I disagree. If energy is cheap enough, wasting it is not a problem. Conserving energy costs human work and effort, if the cost of acquiring more energy is cheaper than the cost of conservation (including all the externalities), then it's better to waste the energy.
So does making energy, nomatter the cost. The question is, do you want something else than putting your dollars on fire in an outdated energy sector? My electrcity bill with high energy prices and every single modern comfort is around 20$ a month. I could also pay 100$ or 200$. but I rather use the difference on something else than paying the utility company.
Of R&D. I see nothing wrong in the government spending a lot of money to develop long-term energy solutions, whether we are talking about gas, solar or fusion.
Putting taxdollars into developing outdated technology is bad. Also its an already established sector unlike solar for example. Plus its also susidize of the gas price. Meanign what you think is cheap aint so cheap as you think. Plus the R&D is wasted in obsolete technology. You didnt create hightech jobs, you created more poor mans jobs.
Giving temporary tax credits for fledgling industries to drive participation is also pretty much standard practice in most of the world. In fact, tax breaks for fracking are going to hit Europe pretty damn soon -- they have already been proposed in the UK and will be a major talking point on the mainland by the summer. Nat gas is a very cheap and easy way to hit the CO2 reduction standards that EU has agreed to, much cheaper than conservation or renevables. Once the shale gas reservers in the EU are properly surveyed, states are going to be falling over themselves to attract fracking operators, simply because of just how freaking awesome cheap energy is for the economy.
70 years or how long the tax credits have lasted aint temporary.
I doubt europe will touch fracking. I cant imagine it at all, its against what the europe wants.
There have been no direct price subsidies of nat gas. There is no need, the prices are lower than ever without any.

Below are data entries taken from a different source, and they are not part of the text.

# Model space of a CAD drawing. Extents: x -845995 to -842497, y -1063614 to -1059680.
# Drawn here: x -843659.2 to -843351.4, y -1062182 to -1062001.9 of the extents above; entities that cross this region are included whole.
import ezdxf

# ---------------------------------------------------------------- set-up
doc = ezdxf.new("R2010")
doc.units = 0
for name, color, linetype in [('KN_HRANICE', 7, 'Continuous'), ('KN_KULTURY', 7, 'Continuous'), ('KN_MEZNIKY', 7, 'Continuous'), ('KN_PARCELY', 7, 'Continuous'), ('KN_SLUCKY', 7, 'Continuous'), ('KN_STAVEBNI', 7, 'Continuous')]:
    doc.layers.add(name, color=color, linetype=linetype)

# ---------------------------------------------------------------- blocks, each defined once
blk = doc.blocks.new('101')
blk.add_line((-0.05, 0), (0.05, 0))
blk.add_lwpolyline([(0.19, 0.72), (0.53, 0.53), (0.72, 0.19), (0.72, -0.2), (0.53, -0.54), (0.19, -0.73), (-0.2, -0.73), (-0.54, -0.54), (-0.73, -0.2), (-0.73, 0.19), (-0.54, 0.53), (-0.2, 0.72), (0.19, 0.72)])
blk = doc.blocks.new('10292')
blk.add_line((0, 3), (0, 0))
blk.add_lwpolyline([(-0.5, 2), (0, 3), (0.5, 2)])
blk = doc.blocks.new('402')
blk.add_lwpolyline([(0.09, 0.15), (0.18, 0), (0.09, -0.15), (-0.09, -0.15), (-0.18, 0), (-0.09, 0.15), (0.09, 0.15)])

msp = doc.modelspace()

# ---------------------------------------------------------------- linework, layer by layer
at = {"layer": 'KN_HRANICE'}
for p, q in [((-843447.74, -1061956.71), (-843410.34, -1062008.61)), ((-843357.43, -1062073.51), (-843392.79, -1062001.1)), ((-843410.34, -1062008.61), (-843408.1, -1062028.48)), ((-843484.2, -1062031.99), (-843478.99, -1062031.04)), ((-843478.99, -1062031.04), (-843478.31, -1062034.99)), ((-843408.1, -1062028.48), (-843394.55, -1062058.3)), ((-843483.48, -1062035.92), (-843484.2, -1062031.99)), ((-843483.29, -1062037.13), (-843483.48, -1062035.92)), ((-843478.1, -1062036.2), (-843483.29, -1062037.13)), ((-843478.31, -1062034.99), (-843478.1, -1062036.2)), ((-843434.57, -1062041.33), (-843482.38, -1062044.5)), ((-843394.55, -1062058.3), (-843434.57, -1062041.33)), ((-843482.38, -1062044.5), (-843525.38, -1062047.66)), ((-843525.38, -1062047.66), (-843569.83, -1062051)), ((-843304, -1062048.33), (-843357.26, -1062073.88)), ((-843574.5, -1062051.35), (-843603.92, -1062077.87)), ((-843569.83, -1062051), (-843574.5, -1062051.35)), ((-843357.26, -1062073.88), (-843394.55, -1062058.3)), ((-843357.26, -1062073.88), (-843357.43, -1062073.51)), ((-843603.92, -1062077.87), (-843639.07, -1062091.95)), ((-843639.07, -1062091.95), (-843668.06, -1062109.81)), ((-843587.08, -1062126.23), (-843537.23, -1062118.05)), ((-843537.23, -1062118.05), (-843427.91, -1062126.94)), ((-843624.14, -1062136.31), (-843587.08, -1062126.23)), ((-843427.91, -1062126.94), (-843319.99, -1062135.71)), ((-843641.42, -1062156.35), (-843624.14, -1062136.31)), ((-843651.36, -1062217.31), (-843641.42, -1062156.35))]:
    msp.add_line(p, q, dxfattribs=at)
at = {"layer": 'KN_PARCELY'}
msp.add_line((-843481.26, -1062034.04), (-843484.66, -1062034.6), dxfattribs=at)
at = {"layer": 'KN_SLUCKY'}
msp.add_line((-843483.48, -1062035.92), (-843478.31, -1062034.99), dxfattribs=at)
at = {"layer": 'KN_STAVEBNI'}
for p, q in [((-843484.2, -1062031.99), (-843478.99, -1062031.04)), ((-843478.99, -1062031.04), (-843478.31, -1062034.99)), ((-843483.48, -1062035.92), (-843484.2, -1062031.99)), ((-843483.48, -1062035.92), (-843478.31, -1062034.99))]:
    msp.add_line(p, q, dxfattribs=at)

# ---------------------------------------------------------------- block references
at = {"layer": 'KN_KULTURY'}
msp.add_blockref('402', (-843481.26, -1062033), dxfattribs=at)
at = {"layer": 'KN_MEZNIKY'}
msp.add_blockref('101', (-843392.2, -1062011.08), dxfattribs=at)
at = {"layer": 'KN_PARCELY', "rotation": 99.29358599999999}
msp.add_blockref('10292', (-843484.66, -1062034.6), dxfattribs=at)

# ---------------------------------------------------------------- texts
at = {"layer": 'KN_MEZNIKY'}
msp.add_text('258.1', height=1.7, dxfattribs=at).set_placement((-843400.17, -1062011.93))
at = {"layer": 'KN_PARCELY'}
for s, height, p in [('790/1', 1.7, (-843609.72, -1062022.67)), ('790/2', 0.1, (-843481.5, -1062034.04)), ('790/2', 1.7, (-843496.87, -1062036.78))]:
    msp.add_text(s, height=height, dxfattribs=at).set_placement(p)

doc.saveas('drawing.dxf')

No, and its already proven otherwise. The energy sector in the US is anything but a free market.
But no, their cheaper price is not paid by the tax. They way you talk about subsidies, it sounds like you think that Americans pay the difference between their energy costs and ours in their taxes, that is, to make nat gas 80% cheaper, they have to pay all that 80% in their taxes. This is simply not true in any way, shape or form.
By your link, the total DoE expenditure on fracking is something like 11B over 20 years. That includes all the research and the tax credits. The value of the created additional production is now something like $50B a year, when measured at the very low present prices. Fracking is estimated to be able to provide this level of production for at least 20 years. No matter how you dice that, that's a pretty damn good investment.
The 11B$ is from 1980 to 2002. And it only covers direct subsidizing. The entire energy sector in the US is estimated to avoid costs in one way or the other for around 1.69T$ a year.
Also it doesnt add any value at all, more the opposite. You simply burn your dollars on energy instead of on something else that actually creates value.
Cheap got expensive.
Fracking subsidies include tax breaks, government funding into research, lost government revenue such as discounted drilling fees, and federally-subsidized
external costs, such as health care expenses and environmental clean-up due to negative and harmful effects.
Its the taxpayer who sits with the bill in the last end. Nomatter how you try and turn it. Its anything but that dream of cheap energy you claim it is. Fracking belongs to the past. Outdated and obsolete.
Its no different than the trashfood americans fill themselves with. (I dont hope anyone feel bad about the wording.). But the corn subsidizing is the exact same problem. Soda and burgers are cheaper than real food. Meat is being washed in amonia to clear bacteria, simply because its cheaper to feed cows corn instead of grass. And who pays to make americans fat and suffer from a wide variarity of food related diseases? Taxpayers. The same people who cant afford proper food becaue they taxdollars is rerouted. And they end up paying even more for the medical needed on top. The same applies for the energy sector. I wouldnt br surprised if the real cost of electricity in the US was around 40-50c per Kw/h.